PREDICTIONS OF RADIATIVE-TRANSFER FROM A TURBULENT REACTING JET IN A CROSS-WIND

Predictions of the structure and received thermal radiation around a turbulent reacting jet discharging into a cross-flow have been made using a finite-difference scheme for solving the fluid dynamic equations. The model employs a two-equation, k-epsilon turbulence model. The gas-phase, non-premixed combustion process is modeled via the conserved scalar/prescribed probability density function approach using the laminar flamelet concept, whilst soot formation and consumption is included through balance equations for mass fraction and particle number density which admit finite-rate kinetic effects. Both flamelet and sooting prescriptions are derived from a global reaction scheme for hydrocarbon combustion. Levels of radiation received around a flame are obtained using the discrete transfer method coupled to a narrow band model of radiative transfer.

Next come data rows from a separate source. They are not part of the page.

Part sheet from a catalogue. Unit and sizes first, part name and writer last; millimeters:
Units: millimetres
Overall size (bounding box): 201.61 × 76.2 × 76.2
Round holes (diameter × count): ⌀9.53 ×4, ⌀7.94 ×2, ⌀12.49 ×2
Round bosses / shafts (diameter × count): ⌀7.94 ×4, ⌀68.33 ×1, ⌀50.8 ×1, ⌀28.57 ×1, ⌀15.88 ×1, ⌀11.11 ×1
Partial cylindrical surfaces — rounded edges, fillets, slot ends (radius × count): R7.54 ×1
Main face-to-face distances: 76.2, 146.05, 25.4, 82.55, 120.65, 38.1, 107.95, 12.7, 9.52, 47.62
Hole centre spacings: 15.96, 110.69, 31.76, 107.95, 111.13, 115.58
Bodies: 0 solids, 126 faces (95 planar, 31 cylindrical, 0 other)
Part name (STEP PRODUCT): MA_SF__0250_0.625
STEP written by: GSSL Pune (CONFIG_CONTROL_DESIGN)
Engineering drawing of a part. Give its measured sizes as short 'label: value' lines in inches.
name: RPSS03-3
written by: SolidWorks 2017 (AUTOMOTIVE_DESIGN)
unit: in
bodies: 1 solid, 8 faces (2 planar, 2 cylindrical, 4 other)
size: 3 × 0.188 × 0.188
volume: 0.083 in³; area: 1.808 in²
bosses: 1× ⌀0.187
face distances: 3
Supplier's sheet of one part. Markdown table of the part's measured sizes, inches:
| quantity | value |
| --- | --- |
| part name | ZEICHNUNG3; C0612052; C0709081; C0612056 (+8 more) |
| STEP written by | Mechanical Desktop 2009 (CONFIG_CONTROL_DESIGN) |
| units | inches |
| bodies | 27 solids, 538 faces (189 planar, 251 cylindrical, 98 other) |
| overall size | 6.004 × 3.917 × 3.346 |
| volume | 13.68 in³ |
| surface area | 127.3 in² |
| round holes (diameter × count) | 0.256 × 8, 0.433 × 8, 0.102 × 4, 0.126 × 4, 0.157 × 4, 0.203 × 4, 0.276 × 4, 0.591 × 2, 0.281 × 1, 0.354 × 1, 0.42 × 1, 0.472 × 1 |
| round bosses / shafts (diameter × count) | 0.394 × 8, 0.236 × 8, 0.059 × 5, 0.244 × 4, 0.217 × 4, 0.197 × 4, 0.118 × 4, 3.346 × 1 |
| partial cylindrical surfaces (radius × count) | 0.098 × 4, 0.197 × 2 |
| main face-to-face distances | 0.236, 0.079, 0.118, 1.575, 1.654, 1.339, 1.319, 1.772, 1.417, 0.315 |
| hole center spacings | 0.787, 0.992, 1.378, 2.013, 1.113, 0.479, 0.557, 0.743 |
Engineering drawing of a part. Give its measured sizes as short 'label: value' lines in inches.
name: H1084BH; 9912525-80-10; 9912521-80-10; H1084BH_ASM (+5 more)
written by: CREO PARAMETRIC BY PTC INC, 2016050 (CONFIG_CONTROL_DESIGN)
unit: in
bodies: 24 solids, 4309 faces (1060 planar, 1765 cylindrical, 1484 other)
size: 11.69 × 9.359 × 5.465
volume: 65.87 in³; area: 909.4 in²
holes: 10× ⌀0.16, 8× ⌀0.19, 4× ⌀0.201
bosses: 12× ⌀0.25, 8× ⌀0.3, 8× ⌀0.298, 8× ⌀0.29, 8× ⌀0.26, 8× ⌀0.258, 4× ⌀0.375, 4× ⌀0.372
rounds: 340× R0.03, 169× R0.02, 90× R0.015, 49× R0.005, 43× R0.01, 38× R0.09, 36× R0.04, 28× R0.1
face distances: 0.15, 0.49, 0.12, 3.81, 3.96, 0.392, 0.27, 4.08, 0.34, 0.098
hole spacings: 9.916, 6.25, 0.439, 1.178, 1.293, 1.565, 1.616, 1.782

In order to assess the usefulness of the model for predicting the consequences associated with atmospheric venting and flaring operations, solutions are compared with experimental data from laboratory and field scale studies of natural gas flames. Predictions are shown to be in good agreement with measurements of received radiation made around all the flames examined. In particular, results for a number of sooting strain rates indicate that a single rate suffices for predicting the radiation received about a wide range of flame sizes.